For a second I thought is that shi*et all real?!?!? teehehehe
Ugh...I love Louis Vs...

anyways I love it! Nice collection!


----------



## Chic 2k6 (Dec 1, 2006)

wicked! i have a bag addiction, ive got around 30 odd bag, well 29 since one got stolen with my mom's phone and cred cards in it last month.

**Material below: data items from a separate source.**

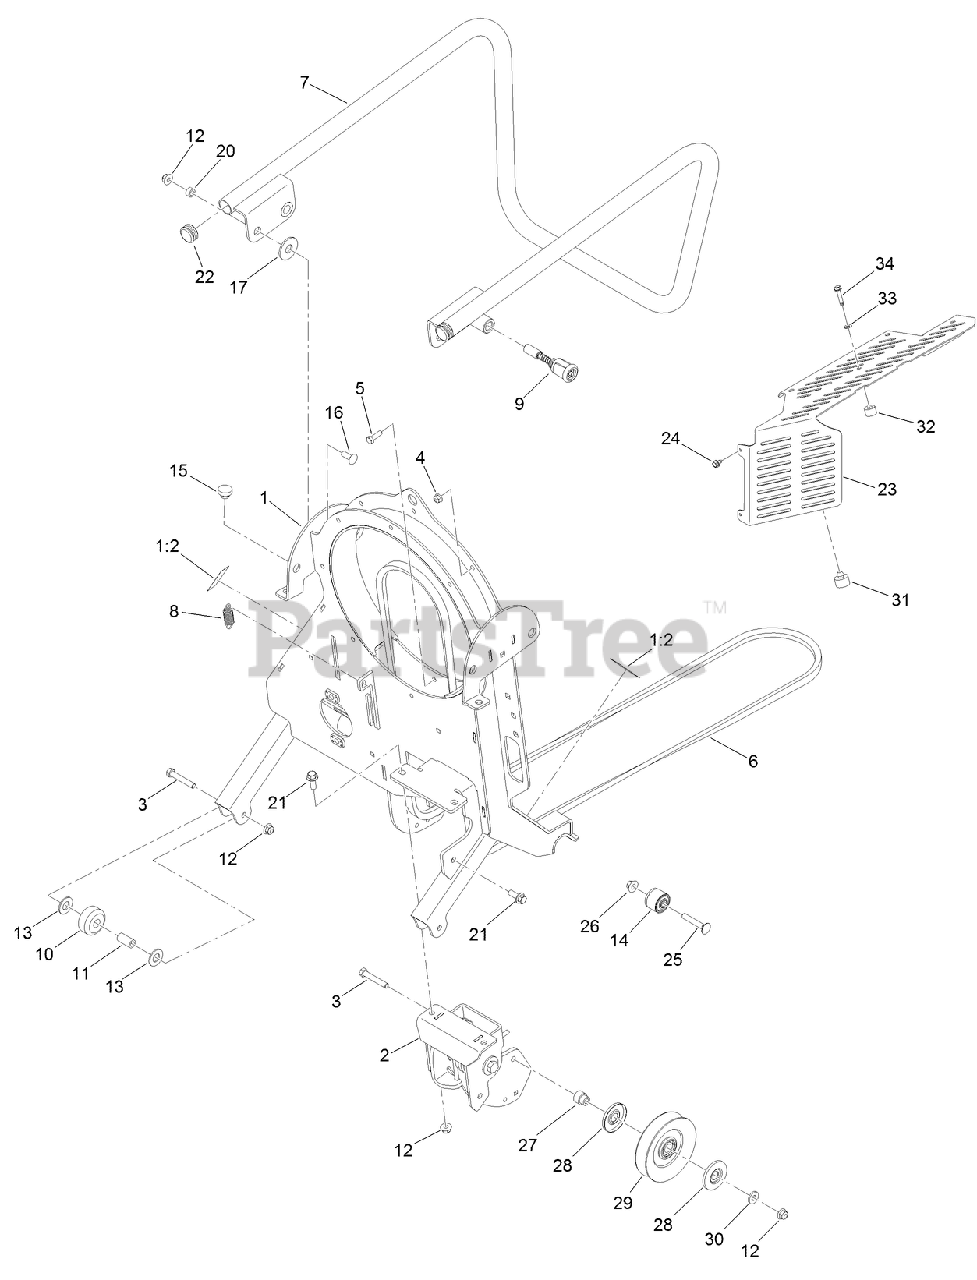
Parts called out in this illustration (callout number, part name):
1	BLOWER FRAME SERVICE ASM
1:2	DECAL-DANGER
2	IDLER TORSION ASM
3	SCREW-HH
4	NUT-HF, NI
5	SCREW-HH
6	BELT-V
7	BLOWER KICKSTAND ASM
8	SPRING-BRAKE
9	PIN-SPRING
10	ROLLER
11	SPACER
12	NUT-HF, NI
13	WASHER-FLAT
14	PIVOT-MOUNT ASM
15	BUMPER-RUBBER
16	SCREW-CARR
17	SPACER
20	SPACER
21	SCREW-HHF
22	CAP-TUBE
23	LEAF GUARD KIT
24	SCREW-HWHTF
25	SCREW-HH
26	NUT-HF
27	BUSHING-IDLER
28	SHIELD-GUARD, DUST
29	PULLEY-IDLER
30	WASHER-SPACER
31	BUMPER-GROMMET
32	SPACER-NYLON
33	WASHER-NYLON
34	SCREW-HWH THD CUT

I love getting unique bags that normal stores dont sell


----------



## Jennybella (Dec 1, 2006)

Quote:

   Originally Posted by *juli* 

 
_woah woman! look at all those bagssss!!! 
	

	
	
		
		

		
		
	


	




For a second I thought is that shi*et all real?!?!? teehehehe
Ugh...I love Louis Vs...

anyways I love it! Nice collection!_

 

LOL if my collection was real id drop dead from all the debt id be in lol but thanks <3


----------



## xsnowwhite (Dec 1, 2006)

Luckyyy! man i want that quilted chanel bag soo badly. I saw a really cute fake one in chinatown but my dad wouldnt stop hah


----------



## Bernadette (Dec 2, 2006)

Apparently you are also fond of the color pink


----------



## Jennybella (Dec 2, 2006)

Quote:

   Originally Posted by *Bernadette* 

 
_Apparently you are also fond of the color pink 
	

	
	
		
		

		
		
	


	


_

 
hahaa Im obsessed with pink stuff


----------



## Jennybella (Dec 2, 2006)

Quote:

   Originally Posted by *xsnowwhite* 

 
_Luckyyy! man i want that quilted chanel bag soo badly. I saw a really cute fake one in chinatown but my dad wouldnt stop hah_

 
thats where I get all my purses!! Ive got 3 real ones and those are all Coach purses from Macys


----------



## luvme4me (Dec 2, 2006)

may I ask how much you paid for the chanels ones?


----------



## Jennybella (Dec 2, 2006)

Quote:

   Originally Posted by *luvme4me* 

 
_may I ask how much you paid for the chanels ones?_

 
20$ and I believe 25$ and the big pink and black was 30 or 40


----------